**Input material:**
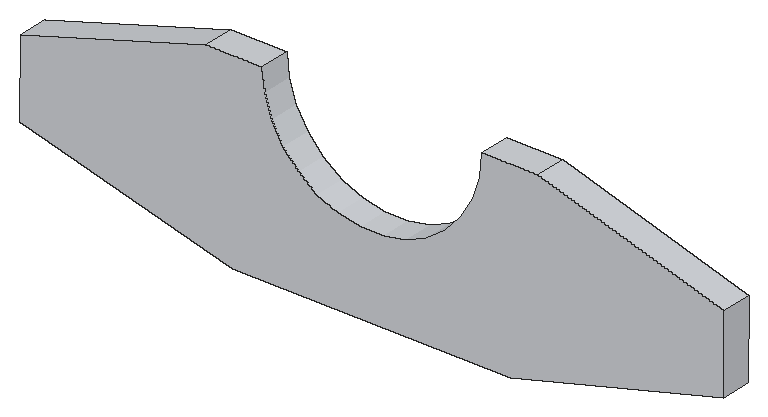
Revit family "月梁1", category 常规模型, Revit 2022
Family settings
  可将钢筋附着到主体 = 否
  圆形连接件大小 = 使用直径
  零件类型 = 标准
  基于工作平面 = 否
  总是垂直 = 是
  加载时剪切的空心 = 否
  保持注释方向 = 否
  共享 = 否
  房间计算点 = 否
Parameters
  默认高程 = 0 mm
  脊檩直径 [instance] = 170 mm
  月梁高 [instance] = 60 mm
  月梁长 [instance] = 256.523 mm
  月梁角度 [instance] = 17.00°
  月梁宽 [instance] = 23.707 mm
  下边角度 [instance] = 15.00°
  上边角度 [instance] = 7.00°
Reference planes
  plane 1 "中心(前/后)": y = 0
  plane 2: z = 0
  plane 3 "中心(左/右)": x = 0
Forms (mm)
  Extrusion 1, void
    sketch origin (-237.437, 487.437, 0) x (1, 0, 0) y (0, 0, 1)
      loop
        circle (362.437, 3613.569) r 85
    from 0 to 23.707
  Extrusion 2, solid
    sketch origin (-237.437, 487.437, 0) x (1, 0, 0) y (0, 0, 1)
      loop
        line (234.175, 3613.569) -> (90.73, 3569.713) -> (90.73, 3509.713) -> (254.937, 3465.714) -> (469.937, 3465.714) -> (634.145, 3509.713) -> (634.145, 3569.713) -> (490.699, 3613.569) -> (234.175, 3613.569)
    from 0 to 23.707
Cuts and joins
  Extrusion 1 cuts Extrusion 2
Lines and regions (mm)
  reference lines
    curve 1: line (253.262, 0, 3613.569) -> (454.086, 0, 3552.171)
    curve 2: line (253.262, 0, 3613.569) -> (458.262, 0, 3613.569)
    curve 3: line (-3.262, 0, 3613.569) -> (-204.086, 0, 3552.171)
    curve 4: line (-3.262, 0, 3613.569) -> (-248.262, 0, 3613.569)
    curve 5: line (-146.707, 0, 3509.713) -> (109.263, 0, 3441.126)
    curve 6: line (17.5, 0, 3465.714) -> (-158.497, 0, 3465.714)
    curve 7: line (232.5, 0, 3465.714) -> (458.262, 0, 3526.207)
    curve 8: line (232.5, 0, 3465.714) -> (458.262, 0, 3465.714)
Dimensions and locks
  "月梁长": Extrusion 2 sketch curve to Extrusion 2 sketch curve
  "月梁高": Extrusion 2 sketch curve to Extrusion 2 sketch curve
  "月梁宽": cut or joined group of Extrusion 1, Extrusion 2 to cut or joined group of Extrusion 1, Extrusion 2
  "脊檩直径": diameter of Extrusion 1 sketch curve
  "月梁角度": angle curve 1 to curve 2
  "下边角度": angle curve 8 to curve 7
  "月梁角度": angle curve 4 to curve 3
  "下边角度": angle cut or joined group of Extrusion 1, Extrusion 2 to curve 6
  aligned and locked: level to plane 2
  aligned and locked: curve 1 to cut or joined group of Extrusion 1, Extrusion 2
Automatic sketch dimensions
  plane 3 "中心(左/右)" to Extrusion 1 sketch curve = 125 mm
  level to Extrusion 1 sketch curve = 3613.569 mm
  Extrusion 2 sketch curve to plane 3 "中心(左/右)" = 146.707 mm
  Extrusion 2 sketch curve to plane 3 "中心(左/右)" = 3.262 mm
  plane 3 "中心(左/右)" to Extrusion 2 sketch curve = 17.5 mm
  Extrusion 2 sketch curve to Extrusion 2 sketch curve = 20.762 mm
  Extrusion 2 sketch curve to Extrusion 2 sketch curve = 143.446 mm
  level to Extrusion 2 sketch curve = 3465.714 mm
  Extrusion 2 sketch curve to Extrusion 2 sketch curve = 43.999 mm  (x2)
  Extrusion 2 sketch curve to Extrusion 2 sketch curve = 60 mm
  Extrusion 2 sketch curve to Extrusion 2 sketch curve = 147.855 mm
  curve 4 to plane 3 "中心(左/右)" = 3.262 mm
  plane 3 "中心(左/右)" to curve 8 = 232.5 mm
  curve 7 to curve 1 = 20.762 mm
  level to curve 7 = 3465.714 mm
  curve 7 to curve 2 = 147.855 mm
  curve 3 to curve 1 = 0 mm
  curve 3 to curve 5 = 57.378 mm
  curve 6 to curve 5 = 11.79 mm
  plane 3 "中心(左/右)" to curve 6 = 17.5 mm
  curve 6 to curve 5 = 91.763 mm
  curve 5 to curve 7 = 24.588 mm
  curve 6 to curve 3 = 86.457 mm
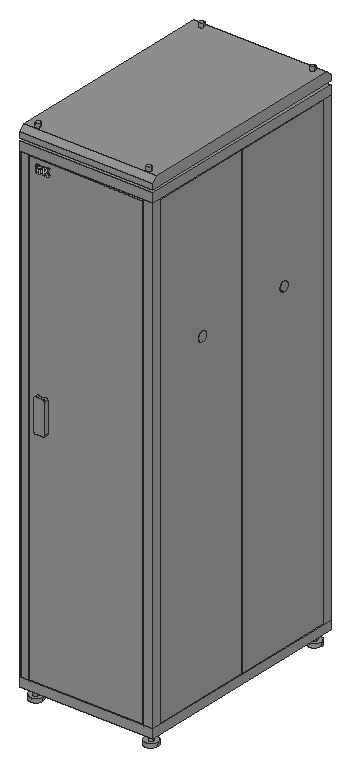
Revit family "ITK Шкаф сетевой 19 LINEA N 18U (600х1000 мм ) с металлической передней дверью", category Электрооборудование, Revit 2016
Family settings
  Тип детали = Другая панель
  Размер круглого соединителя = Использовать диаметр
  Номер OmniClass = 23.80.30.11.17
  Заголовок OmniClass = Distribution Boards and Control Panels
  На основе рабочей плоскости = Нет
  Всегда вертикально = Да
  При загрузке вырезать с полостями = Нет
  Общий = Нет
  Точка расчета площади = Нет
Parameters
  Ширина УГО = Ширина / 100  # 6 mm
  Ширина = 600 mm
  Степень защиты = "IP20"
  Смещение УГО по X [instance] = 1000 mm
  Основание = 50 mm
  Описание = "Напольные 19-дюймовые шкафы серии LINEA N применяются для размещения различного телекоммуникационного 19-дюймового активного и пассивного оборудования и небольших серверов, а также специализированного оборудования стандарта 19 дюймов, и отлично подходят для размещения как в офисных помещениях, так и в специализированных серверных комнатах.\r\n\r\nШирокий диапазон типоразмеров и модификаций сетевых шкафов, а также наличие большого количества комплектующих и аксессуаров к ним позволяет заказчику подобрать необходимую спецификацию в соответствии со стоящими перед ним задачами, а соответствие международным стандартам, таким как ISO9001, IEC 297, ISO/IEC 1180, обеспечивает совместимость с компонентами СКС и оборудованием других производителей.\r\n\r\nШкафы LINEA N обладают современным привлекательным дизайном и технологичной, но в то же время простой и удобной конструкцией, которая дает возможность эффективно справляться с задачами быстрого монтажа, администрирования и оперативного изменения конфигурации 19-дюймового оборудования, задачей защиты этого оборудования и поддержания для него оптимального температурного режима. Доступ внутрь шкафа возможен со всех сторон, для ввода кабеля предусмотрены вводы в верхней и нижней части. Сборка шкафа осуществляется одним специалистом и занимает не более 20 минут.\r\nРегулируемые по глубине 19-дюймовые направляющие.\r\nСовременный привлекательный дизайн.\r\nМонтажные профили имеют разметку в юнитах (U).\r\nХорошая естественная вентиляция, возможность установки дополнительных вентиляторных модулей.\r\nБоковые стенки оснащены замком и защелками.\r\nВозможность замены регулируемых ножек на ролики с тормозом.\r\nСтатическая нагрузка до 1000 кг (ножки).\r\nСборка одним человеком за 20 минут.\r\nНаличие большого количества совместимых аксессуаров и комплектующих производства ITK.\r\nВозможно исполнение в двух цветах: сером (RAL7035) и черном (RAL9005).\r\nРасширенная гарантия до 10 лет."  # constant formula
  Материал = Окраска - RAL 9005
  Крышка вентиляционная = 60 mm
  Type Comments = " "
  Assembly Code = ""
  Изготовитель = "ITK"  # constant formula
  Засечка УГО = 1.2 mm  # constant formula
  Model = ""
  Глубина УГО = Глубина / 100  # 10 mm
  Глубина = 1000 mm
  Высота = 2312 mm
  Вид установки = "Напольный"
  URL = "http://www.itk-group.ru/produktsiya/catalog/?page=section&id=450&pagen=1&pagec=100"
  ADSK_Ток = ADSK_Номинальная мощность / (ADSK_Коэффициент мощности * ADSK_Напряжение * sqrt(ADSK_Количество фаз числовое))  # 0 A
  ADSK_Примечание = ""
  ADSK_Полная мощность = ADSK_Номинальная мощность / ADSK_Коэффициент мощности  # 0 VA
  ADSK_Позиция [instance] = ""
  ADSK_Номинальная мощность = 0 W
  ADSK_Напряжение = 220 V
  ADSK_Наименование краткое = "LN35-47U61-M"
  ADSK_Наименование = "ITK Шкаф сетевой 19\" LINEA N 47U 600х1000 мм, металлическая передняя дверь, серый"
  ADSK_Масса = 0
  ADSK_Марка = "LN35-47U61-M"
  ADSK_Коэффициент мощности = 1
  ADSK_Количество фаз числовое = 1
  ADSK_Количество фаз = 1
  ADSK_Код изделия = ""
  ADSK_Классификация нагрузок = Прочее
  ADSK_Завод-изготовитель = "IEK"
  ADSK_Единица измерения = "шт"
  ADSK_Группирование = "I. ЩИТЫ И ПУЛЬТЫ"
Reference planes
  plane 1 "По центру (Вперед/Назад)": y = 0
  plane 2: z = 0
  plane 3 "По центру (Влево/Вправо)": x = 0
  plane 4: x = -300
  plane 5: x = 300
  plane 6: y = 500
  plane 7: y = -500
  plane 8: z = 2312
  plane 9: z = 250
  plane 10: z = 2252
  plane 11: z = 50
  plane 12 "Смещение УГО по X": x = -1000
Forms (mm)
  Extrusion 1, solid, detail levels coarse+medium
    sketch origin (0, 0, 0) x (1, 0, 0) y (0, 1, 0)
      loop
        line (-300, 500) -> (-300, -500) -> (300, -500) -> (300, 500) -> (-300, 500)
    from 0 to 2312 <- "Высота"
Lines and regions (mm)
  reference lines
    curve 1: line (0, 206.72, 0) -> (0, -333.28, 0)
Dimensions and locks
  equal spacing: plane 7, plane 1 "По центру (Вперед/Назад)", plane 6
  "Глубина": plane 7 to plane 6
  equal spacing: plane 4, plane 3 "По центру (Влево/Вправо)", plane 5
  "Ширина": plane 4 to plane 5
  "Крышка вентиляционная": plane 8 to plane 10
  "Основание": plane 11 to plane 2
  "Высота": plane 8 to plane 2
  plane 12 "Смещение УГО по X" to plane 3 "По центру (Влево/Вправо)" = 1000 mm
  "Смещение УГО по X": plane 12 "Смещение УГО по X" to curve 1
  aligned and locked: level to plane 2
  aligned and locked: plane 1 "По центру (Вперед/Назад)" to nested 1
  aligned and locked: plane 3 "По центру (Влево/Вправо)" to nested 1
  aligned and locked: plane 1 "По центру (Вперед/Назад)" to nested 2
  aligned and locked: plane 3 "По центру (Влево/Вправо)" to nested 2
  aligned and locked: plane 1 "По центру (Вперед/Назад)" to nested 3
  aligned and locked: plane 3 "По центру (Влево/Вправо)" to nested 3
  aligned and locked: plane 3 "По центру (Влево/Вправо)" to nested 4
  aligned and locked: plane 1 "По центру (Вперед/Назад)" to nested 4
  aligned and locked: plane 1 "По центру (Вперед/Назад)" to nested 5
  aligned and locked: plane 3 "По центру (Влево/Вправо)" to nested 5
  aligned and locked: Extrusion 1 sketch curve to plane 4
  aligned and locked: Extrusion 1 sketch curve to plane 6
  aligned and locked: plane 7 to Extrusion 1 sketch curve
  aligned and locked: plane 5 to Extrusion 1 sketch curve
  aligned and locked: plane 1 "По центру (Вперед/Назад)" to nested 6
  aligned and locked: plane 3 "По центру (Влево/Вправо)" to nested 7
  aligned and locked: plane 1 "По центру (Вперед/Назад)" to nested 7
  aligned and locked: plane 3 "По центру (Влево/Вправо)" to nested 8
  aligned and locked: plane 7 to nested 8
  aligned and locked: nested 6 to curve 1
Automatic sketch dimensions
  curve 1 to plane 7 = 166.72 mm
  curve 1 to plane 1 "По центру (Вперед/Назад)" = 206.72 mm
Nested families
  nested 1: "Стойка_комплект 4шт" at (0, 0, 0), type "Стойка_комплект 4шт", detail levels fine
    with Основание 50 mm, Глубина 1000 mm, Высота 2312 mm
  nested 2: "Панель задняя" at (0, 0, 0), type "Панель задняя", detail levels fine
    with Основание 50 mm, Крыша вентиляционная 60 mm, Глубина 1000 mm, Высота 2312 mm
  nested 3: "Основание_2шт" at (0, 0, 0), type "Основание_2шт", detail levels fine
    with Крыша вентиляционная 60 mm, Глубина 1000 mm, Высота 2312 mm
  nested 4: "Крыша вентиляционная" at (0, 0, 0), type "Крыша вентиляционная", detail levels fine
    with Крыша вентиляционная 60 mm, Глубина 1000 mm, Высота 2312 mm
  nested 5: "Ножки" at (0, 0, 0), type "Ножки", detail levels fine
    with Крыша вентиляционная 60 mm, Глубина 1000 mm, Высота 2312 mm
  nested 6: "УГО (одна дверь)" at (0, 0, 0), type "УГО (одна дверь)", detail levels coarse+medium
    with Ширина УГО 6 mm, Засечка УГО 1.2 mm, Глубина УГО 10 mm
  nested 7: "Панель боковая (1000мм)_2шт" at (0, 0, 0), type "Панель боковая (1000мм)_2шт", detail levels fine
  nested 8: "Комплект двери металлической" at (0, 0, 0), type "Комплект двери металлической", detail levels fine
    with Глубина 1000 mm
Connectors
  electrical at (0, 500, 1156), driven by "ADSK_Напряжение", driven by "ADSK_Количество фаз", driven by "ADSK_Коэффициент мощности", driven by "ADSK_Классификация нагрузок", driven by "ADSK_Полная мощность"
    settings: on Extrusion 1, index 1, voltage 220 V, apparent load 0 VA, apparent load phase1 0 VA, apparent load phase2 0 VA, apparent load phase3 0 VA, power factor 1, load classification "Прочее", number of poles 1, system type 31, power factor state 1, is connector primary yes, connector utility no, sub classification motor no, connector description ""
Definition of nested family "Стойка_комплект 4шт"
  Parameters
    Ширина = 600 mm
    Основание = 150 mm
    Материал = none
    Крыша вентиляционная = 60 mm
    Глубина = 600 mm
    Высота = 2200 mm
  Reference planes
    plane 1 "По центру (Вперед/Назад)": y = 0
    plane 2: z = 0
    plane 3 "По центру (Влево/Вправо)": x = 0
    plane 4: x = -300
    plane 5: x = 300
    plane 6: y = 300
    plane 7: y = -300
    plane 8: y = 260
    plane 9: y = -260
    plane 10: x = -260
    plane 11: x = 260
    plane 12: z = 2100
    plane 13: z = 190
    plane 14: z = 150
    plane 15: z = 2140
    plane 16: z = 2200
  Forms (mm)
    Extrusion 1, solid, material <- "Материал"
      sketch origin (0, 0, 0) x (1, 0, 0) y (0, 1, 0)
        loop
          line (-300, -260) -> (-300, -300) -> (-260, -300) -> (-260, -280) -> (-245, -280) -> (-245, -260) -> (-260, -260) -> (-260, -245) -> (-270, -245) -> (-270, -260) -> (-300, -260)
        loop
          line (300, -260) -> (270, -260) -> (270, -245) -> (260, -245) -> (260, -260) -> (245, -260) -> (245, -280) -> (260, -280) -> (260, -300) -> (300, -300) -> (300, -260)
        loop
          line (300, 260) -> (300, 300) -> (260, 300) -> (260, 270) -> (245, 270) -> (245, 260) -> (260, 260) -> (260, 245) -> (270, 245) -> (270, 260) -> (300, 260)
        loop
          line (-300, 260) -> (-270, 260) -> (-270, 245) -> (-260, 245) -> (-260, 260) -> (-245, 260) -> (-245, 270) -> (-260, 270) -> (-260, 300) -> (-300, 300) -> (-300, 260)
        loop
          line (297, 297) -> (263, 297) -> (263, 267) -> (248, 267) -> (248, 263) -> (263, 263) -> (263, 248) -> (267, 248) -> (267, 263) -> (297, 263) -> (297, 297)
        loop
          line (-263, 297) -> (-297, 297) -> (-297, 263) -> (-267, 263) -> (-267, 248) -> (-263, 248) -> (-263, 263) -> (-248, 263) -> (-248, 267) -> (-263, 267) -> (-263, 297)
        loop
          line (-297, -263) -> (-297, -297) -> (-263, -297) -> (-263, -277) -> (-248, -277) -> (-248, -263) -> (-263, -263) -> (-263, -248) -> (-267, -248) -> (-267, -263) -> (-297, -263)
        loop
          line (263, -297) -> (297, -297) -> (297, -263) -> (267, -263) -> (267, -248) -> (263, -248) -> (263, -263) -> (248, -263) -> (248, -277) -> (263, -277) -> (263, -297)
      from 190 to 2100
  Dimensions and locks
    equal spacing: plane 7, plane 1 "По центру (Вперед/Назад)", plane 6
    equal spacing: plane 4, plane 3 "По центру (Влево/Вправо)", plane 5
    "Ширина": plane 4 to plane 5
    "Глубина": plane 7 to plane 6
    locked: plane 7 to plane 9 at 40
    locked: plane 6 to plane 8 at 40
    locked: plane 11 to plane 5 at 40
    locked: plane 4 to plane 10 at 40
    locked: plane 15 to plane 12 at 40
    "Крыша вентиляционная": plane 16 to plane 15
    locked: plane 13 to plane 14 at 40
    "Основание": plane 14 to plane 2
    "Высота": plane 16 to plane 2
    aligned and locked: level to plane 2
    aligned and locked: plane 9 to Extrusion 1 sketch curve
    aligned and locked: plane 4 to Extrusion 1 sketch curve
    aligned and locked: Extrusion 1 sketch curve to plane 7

**Exercise objective:** Transcribe the entries from their first line to the line that holds "curve 5: line", both included, and skip every picture.

**Task result:**
Revit family "月梁1", category 常规模型, Revit 2022
Family settings
  可将钢筋附着到主体 = 否
  圆形连接件大小 = 使用直径
  零件类型 = 标准
  基于工作平面 = 否
  总是垂直 = 是
  加载时剪切的空心 = 否
  保持注释方向 = 否
  共享 = 否
  房间计算点 = 否
Parameters
  默认高程 = 0 mm
  脊檩直径 [instance] = 170 mm
  月梁高 [instance] = 60 mm
  月梁长 [instance] = 256.523 mm
  月梁角度 [instance] = 17.00°
  月梁宽 [instance] = 23.707 mm
  下边角度 [instance] = 15.00°
  上边角度 [instance] = 7.00°
Reference planes
  plane 1 "中心(前/后)": y = 0
  plane 2: z = 0
  plane 3 "中心(左/右)": x = 0
Forms (mm)
  Extrusion 1, void
    sketch origin (-237.437, 487.437, 0) x (1, 0, 0) y (0, 0, 1)
      loop
        circle (362.437, 3613.569) r 85
    from 0 to 23.707
  Extrusion 2, solid
    sketch origin (-237.437, 487.437, 0) x (1, 0, 0) y (0, 0, 1)
      loop
        line (234.175, 3613.569) -> (90.73, 3569.713) -> (90.73, 3509.713) -> (254.937, 3465.714) -> (469.937, 3465.714) -> (634.145, 3509.713) -> (634.145, 3569.713) -> (490.699, 3613.569) -> (234.175, 3613.569)
    from 0 to 23.707
Cuts and joins
  Extrusion 1 cuts Extrusion 2
Lines and regions (mm)
  reference lines
    curve 1: line (253.262, 0, 3613.569) -> (454.086, 0, 3552.171)
    curve 2: line (253.262, 0, 3613.569) -> (458.262, 0, 3613.569)
    curve 3: line (-3.262, 0, 3613.569) -> (-204.086, 0, 3552.171)
    curve 4: line (-3.262, 0, 3613.569) -> (-248.262, 0, 3613.569)
    curve 5: line (-146.707, 0, 3509.713) -> (109.263, 0, 3441.126)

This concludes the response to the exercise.